The Art Not Genocide Alliance did not respond to interview requests, but in its letter drew historical parallels to justify its call for a ban. In the 1960s, the Italian government banned South Africa due to apartheid. And when Russia launched its full-scale invasion of Ukraine in 2022, the Russian artists chosen to represent it decided to withdraw. (Russia is not participating again this year and has lent its large pavilion, in a prime location in the Biennale Gardens, Bolivia.)
Biennale organizers rejected those comparisons, saying any country recognized by the Italian government was free to take part. Italian lawmakers argued even more strongly. In February, Gennaro Sangiuliano, Italy’s culture minister, said Israel had both “a right to express its art” and a duty “to bear witness to its people precisely in an age like this that has been mercilessly beaten by merciless terrorists. “
Throughout the upheaval, Patir, whose work is little known outside of Israel, has remained silent, declining interview requests while she completes work on her stand-up show, called “(M)Homeland.”
Initial descriptions of the show called it “a fertility booth,” but Patir said the show was really an exploration of the pressure placed on women to become mothers.

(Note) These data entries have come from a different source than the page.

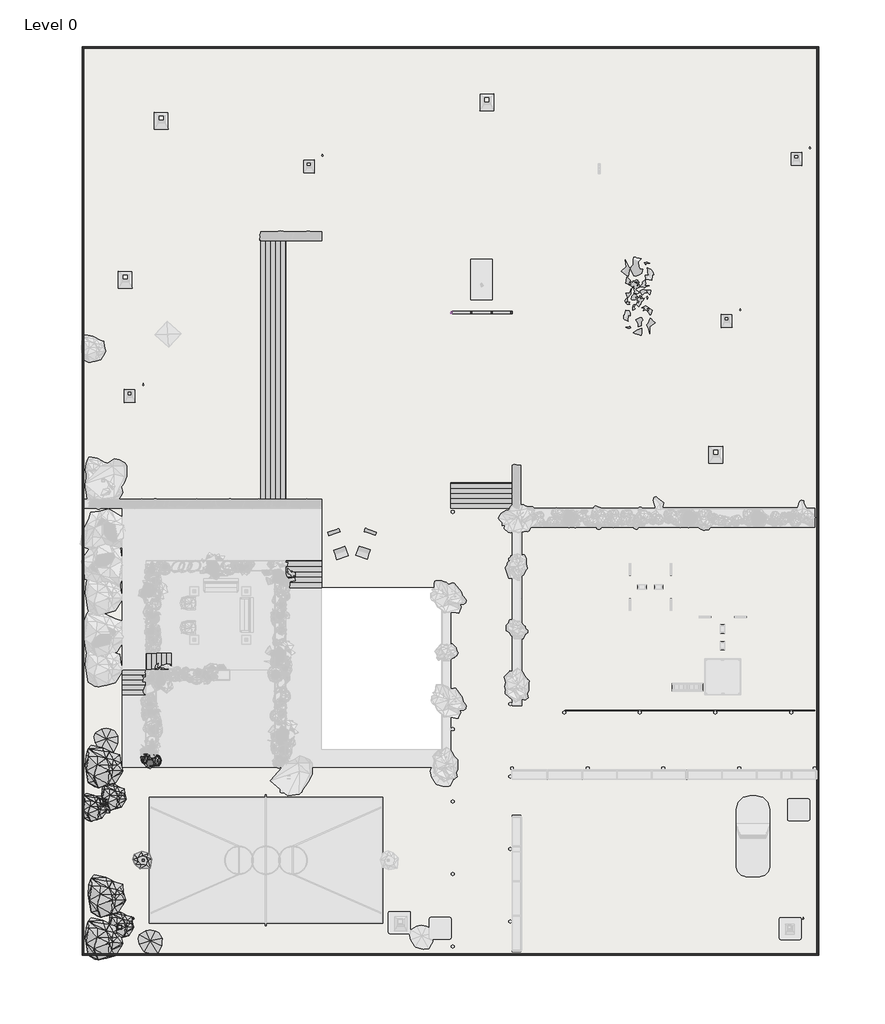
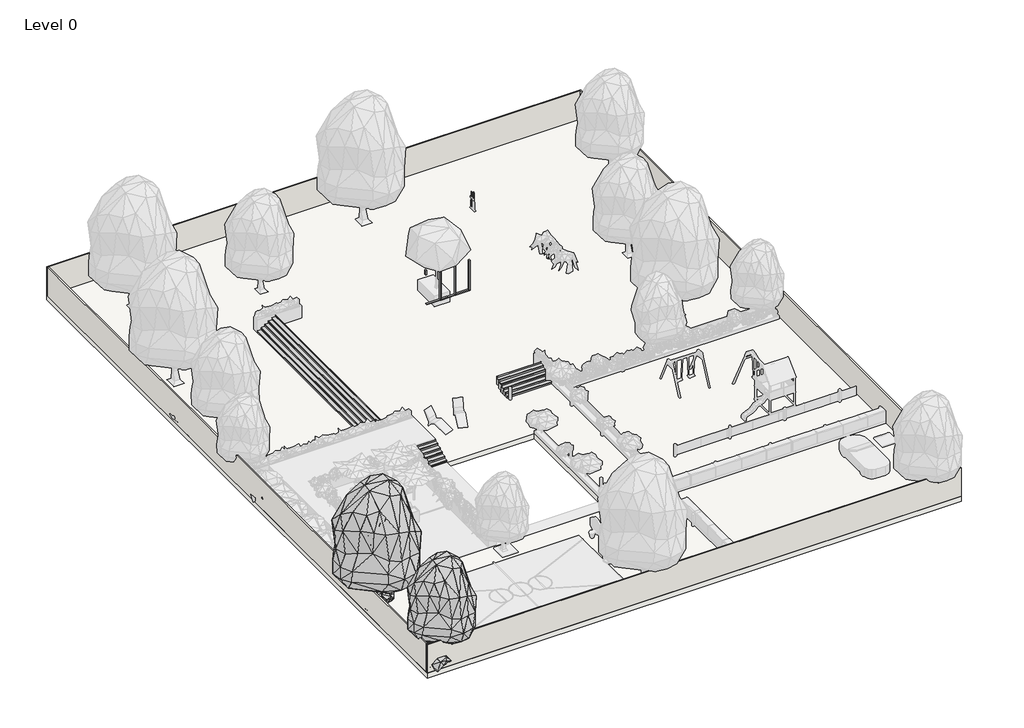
# One storey, part 1 of 4: 16 geographic elements, 7 members, 5 stair flights, 4 walls, 1 slab.
"""IFC4 building model written with IfcOpenShell, lengths in millimetres."""

from ifc_helpers import new_model, si_unit, frame, origin, origin_with_axes, place, context, project, spatial, polyline, outline, extrude, faceted_brep, transform, mapped, element, save
from components import geographic_element_f069a1d7, geographic_element_ee225f17, geographic_element_9647795e, geographic_element_db24e404, geographic_element_71cebea8, geographic_element_228c287f, geographic_element_56f19f58, enscape_assetdefinition_basketball_hoop_001_enscape_40e17c42, enscape_assetdefinition_bush_025_fern_enscape_5cccd865, enscape_assetdefinition_bush_030_grass_enscape_458df57b, enscape_assetdefinition_bush_031_grass_enscape_dda4791a, rectangular_mullion_rectangular_mullion_1_f0fea5a5, rectangular_mullion_rectangular_mullion_1_f5ac44b7, rectangular_mullion_rectangular_mullion_1_ee409385, rectangular_mullion_rectangular_mullion_1_09fd8405, rectangular_mullion_rectangular_mullion_1_2f44623a

model = new_model("IFC4")

# Units and contexts
model_context = context("Model", 3, world=origin())
ifc_project = project(units=[si_unit("LENGTHUNIT", "METRE", prefix="MILLI")], contexts=[model_context])

# Site, building, storey
site = spatial("IfcSite", under=ifc_project)
building = spatial("IfcBuilding", under=site)
storey = spatial("IfcBuildingStorey", under=building, Name="Level 0", Elevation=0.0)

# Geographic elements
placement = place(None, origin())
geographic_element_shape = geographic_element_f069a1d7(model_context)
element("IfcGeographicElement", 1, ObjectType="Enscape AssetDefinition - Creeper Plant 016 Bower Vine : Enscape AssetDefinition - Creeper Plant 016 Bower Vine", at=placement, inside=storey, context=model_context, shape_type="MappedRepresentation", body=[
    mapped(geographic_element_shape, transform((-3656.8662216, -16198.9668439, 950.0), x_axis=(0.0, -1.0, 0.0), y_axis=(1.0, 0.0, 0.0), z_axis=(0.0, 0.0, 1.0))),
])
geographic_element_2_shape = geographic_element_ee225f17(model_context)
element("IfcGeographicElement", 2, ObjectType="Enscape AssetDefinition - Flower 086 Cross-leaved Heath : Enscape AssetDefinition - Flower 086 Cross-leaved Heath 2", at=placement, inside=storey, context=model_context, shape_type="MappedRepresentation", body=[
    mapped(geographic_element_2_shape, transform((-3441.3358285, -16440.9854919, 950.0), x_axis=(1.0, 0.0, 0.0), y_axis=(0.0, 1.0, 0.0), z_axis=(0.0, 0.0, 1.0))),
])
geographic_element_3_shape = geographic_element_9647795e(model_context)
element("IfcGeographicElement", 3, ObjectType="Enscape AssetDefinition - Creeper Plant 015 Bower Vine : Enscape AssetDefinition - Creeper Plant 015 Bower Vine", at=placement, inside=storey, context=model_context, shape_type="MappedRepresentation", body=[
    mapped(geographic_element_3_shape, transform((-3056.8662216, -16275.3414027, 950.0), x_axis=(0.0, 1.0, 0.0), y_axis=(-1.0, 0.0, 0.0), z_axis=(0.0, 0.0, 1.0))),
])
geographic_element_4_shape = geographic_element_db24e404(model_context)
element("IfcGeographicElement", 4, ObjectType="Enscape AssetDefinition - Evergreen Tree 066 Lophostemon : Enscape AssetDefinition - Evergreen Tree 066 Lophostemon", at=placement, inside=storey, context=model_context, shape_type="MappedRepresentation", body=[
    mapped(geographic_element_4_shape, transform((-5056.8662216, -25633.0793342, 0.0), x_axis=(1.0, 0.0, 0.0), y_axis=(0.0, 1.0, 0.0), z_axis=(0.0, 0.0, 1.0))),
])
geographic_element_5_shape = geographic_element_71cebea8(model_context)
element("IfcGeographicElement", 5, ObjectType="Enscape AssetDefinition - Bush 012 English Laurel : Enscape AssetDefinition - Bush 012 English Laurel", at=placement, inside=storey, context=model_context, shape_type="MappedRepresentation", body=[
    mapped(geographic_element_5_shape, transform((-6010.1328373, -16585.7472574, 0.0), x_axis=(-0.7796599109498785, 0.626203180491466, 0.0), y_axis=(-0.626203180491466, -0.7796599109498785, 0.0), z_axis=(0.0, 0.0, 1.0))),
])
element("IfcGeographicElement", 6, ObjectType="Enscape AssetDefinition - Bush 012 English Laurel : Enscape AssetDefinition - Bush 012 English Laurel", at=placement, inside=storey, context=model_context, shape_type="MappedRepresentation", body=[
    mapped(geographic_element_5_shape, transform((-5853.2977099, -23796.0253008, 0.0), x_axis=(-0.7796599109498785, 0.626203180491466, 0.0), y_axis=(-0.626203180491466, -0.7796599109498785, 0.0), z_axis=(0.0, 0.0, 1.0))),
])
element("IfcGeographicElement", 7, ObjectType="Enscape AssetDefinition - Bush 012 English Laurel : Enscape AssetDefinition - Bush 012 English Laurel", at=placement, inside=storey, context=model_context, shape_type="MappedRepresentation", body=[
    mapped(geographic_element_5_shape, transform((-6010.1328373, -26185.7472574, 0.0), x_axis=(-0.7796599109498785, 0.626203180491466, 0.0), y_axis=(-0.626203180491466, -0.7796599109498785, 0.0), z_axis=(0.0, 0.0, 1.0))),
])
geographic_element_6_shape = geographic_element_228c287f(model_context)
element("IfcGeographicElement", 8, ObjectType="Enscape AssetDefinition - Bush 012 English Laurel : Enscape AssetDefinition - Bush 012 English Laurel 2", at=placement, inside=storey, context=model_context, shape_type="MappedRepresentation", body=[
    mapped(geographic_element_6_shape, transform((-6517.7916128, -18872.4537445, 0.0), x_axis=(-0.7796599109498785, 0.626203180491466, 0.0), y_axis=(-0.626203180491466, -0.7796599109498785, 0.0), z_axis=(0.0, 0.0, 1.0))),
])
element("IfcGeographicElement", 9, ObjectType="Enscape AssetDefinition - Bush 012 English Laurel : Enscape AssetDefinition - Bush 012 English Laurel 2", at=placement, inside=storey, context=model_context, shape_type="MappedRepresentation", body=[
    mapped(geographic_element_6_shape, transform((-5444.7004155, -18252.9042528, 0.0), x_axis=(-0.7796599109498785, 0.626203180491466, 0.0), y_axis=(-0.626203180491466, -0.7796599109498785, 0.0), z_axis=(0.0, 0.0, 1.0))),
])
element("IfcGeographicElement", 10, ObjectType="Enscape AssetDefinition - Bush 012 English Laurel : Enscape AssetDefinition - Bush 012 English Laurel 2", at=placement, inside=storey, context=model_context, shape_type="MappedRepresentation", body=[
    mapped(geographic_element_6_shape, transform((-5023.3671696, -25397.2769616, 0.0), x_axis=(-0.7796599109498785, 0.626203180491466, 0.0), y_axis=(-0.626203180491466, -0.7796599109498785, 0.0), z_axis=(0.0, 0.0, 1.0))),
])
geographic_element_7_shape = geographic_element_56f19f58(model_context)
element("IfcGeographicElement", 11, ObjectType="Enscape AssetDefinition - Evergreen Tree 066 Lophostemon : Enscape AssetDefinition - Evergreen Tree 066 Lophostemon 4", at=placement, inside=storey, context=model_context, shape_type="MappedRepresentation", body=[
    mapped(geographic_element_7_shape, transform((-5992.8294862, -18633.0793342, 0.0), x_axis=(1.0, 0.0, 0.0), y_axis=(0.0, 1.0, 0.0), z_axis=(0.0, 0.0, 1.0))),
])
enscape_assetdefinition_basketball_hoop_001_enscape_shape = enscape_assetdefinition_basketball_hoop_001_enscape_40e17c42(model_context)
element("IfcGeographicElement", 12, ObjectType="Enscape AssetDefinition - Basketball Hoop 001 : Enscape AssetDefinition - Basketball Hoop 001", at=placement, inside=storey, context=model_context, shape_type="MappedRepresentation", body=[
    mapped(enscape_assetdefinition_basketball_hoop_001_enscape_shape, transform((-3777.0670192, -21833.0793342, 0.0), x_axis=(0.0, 1.0, 0.0), y_axis=(-1.0, 0.0, 0.0), z_axis=(0.0, 0.0, 1.0))),
])
enscape_assetdefinition_bush_025_fern_enscape_shape = enscape_assetdefinition_bush_025_fern_enscape_5cccd865(model_context)
element("IfcGeographicElement", 13, ObjectType="Enscape AssetDefinition - Bush 025 Fern : Enscape AssetDefinition - Bush 025 Fern 3", at=placement, inside=storey, context=model_context, shape_type="MappedRepresentation", body=[
    mapped(enscape_assetdefinition_bush_025_fern_enscape_shape, transform((-3349.2962281, -16275.3414027, 761.4393554), x_axis=(0.0, -1.0, 0.0), y_axis=(1.0, 0.0, 0.0), z_axis=(0.0, 0.0, 1.0))),
])
enscape_assetdefinition_bush_030_grass_enscape_shape = enscape_assetdefinition_bush_030_grass_enscape_458df57b(model_context)
element("IfcGeographicElement", 14, ObjectType="Enscape AssetDefinition - Bush 030 Grass : Enscape AssetDefinition - Bush 030 Grass", at=placement, inside=storey, context=model_context, shape_type="MappedRepresentation", body=[
    mapped(enscape_assetdefinition_bush_030_grass_enscape_shape, transform((-3836.8662216, -21833.0793342, 0.0), x_axis=(1.0, 0.0, 0.0), y_axis=(0.0, 1.0, 0.0), z_axis=(0.0, 0.0, 1.0))),
])
enscape_assetdefinition_bush_031_grass_enscape_shape = enscape_assetdefinition_bush_031_grass_enscape_dda4791a(model_context)
element("IfcGeographicElement", 15, ObjectType="Enscape AssetDefinition - Bush 031 Grass : Enscape AssetDefinition - Bush 031 Grass", at=placement, inside=storey, context=model_context, shape_type="MappedRepresentation", body=[
    mapped(enscape_assetdefinition_bush_031_grass_enscape_shape, transform((-5856.8662216, -15144.7630328, 0.0), x_axis=(1.0, 0.0, 0.0), y_axis=(0.0, 1.0, 0.0), z_axis=(0.0, 0.0, 1.0))),
])
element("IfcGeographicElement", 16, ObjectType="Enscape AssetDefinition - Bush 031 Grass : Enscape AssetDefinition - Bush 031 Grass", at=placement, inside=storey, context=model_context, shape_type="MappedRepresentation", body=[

Four years ago, Patir said, she was diagnosed with a gene mutation that increased her risk of breast and ovarian cancer, and doctors recommended that she freeze her eggs so she wouldn’t lose her chance at motherhood.
At the time, she “was faced with the patriarchal gaze of the medical world, trying to put me in this fertility box,” Patir said. She began recording her medical appointments for use at work.
Last September, a committee of Israeli art professionals appointed by the Ministry of Culture selected Patir to go to Venice. A month later, Hamas attacked Israel.
Patir said she cried regularly over these attacks and Israel’s retaliation in Gaza. He also regularly participated in protests in Tel Aviv, he added, calling for a hostage deal and for Prime Minister Benjamin Netanyahu to step down. The show booth job was her only solace, Patir said, though the conflict also cast a shadow over that.
During a visit to the Israel Antiquities Authority’s warehouses to examine the collection of ancient fertility gods, Patir said, an archivist let her handle a set of broken and fragmented statues. “It was almost emotional,” Patir recalls, “seeing these broken women against all the images in the news.”
As the event approached, Patir said she and curators hoped the situation would turn around. They could not have imagined “that we would be in Venice in April with the hostages still being held, with the war still raging,” Patir said. So they made some decisions: first to cancel the party that traditionally celebrates the opening of the pavilion, then to make an artwork in response to the war, and finally to close the show altogether.
Little progress has been made towards a ceasefire and tensions have risen between Israel and Iran. But Patir said she hoped the conditions would be met so she could welcome visitors before the Biennale ends on November 24.
“I think we’ll open it,” Patir said. “I think we will.”